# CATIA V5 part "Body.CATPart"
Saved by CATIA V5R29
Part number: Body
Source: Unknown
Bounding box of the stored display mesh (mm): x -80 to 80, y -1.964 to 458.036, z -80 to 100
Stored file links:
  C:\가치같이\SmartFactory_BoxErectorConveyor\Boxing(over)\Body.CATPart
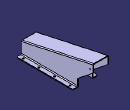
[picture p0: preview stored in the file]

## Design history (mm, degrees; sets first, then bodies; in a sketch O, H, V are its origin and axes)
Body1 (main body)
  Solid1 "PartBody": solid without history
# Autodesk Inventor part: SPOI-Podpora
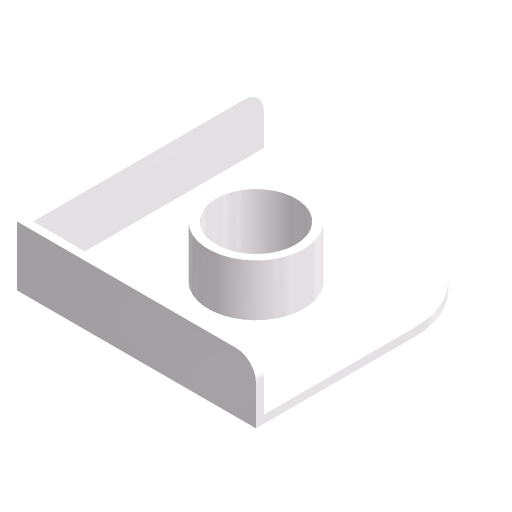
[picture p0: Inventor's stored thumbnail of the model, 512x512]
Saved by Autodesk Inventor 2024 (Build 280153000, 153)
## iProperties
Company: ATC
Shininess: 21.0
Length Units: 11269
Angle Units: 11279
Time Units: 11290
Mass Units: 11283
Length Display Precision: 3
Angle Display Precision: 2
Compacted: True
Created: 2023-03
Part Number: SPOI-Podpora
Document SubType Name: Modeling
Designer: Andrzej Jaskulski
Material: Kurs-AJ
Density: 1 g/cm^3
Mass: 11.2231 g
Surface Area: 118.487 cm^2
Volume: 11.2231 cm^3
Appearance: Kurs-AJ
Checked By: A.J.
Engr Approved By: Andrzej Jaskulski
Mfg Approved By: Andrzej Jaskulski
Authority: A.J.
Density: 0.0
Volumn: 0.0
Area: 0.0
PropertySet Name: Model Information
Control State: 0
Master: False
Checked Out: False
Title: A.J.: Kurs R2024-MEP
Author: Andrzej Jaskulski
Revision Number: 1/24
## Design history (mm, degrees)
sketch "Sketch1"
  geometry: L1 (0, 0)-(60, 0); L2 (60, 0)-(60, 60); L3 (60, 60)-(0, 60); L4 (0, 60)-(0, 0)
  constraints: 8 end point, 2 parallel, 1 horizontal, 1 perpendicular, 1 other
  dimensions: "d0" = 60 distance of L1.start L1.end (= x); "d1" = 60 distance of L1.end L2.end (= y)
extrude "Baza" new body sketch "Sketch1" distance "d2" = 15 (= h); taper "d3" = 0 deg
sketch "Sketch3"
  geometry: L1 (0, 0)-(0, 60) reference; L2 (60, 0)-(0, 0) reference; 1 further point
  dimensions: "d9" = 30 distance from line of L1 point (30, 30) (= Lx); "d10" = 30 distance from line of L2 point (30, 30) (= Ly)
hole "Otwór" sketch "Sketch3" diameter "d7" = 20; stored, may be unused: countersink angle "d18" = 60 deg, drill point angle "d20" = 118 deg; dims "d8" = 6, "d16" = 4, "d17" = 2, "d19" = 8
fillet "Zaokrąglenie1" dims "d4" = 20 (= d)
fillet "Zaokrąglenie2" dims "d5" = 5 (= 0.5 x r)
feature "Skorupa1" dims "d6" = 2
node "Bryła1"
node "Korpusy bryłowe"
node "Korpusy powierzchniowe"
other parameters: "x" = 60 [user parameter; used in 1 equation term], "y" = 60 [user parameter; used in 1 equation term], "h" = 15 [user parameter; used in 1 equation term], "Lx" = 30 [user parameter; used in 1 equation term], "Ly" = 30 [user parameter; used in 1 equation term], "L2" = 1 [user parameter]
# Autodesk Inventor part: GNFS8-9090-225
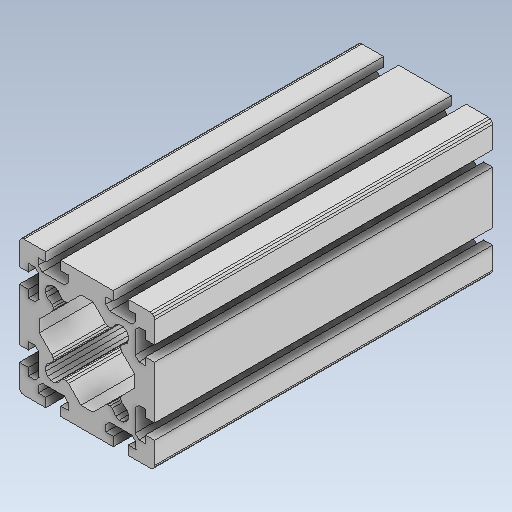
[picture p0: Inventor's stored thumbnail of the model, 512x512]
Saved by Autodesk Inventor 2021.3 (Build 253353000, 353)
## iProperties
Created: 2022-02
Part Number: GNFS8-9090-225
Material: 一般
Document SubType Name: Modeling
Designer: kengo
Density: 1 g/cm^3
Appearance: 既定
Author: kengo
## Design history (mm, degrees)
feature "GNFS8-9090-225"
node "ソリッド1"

= = = =

◆ WHAT YOU NEED TO DO: If a line in the material holds "Autodesk", copy it.

◆ FINISHED EXERCISE:
# Autodesk Inventor part: SPOI-Podpora
Saved by Autodesk Inventor 2024 (Build 280153000, 153)
# Autodesk Inventor part: GNFS8-9090-225
Saved by Autodesk Inventor 2021.3 (Build 253353000, 353)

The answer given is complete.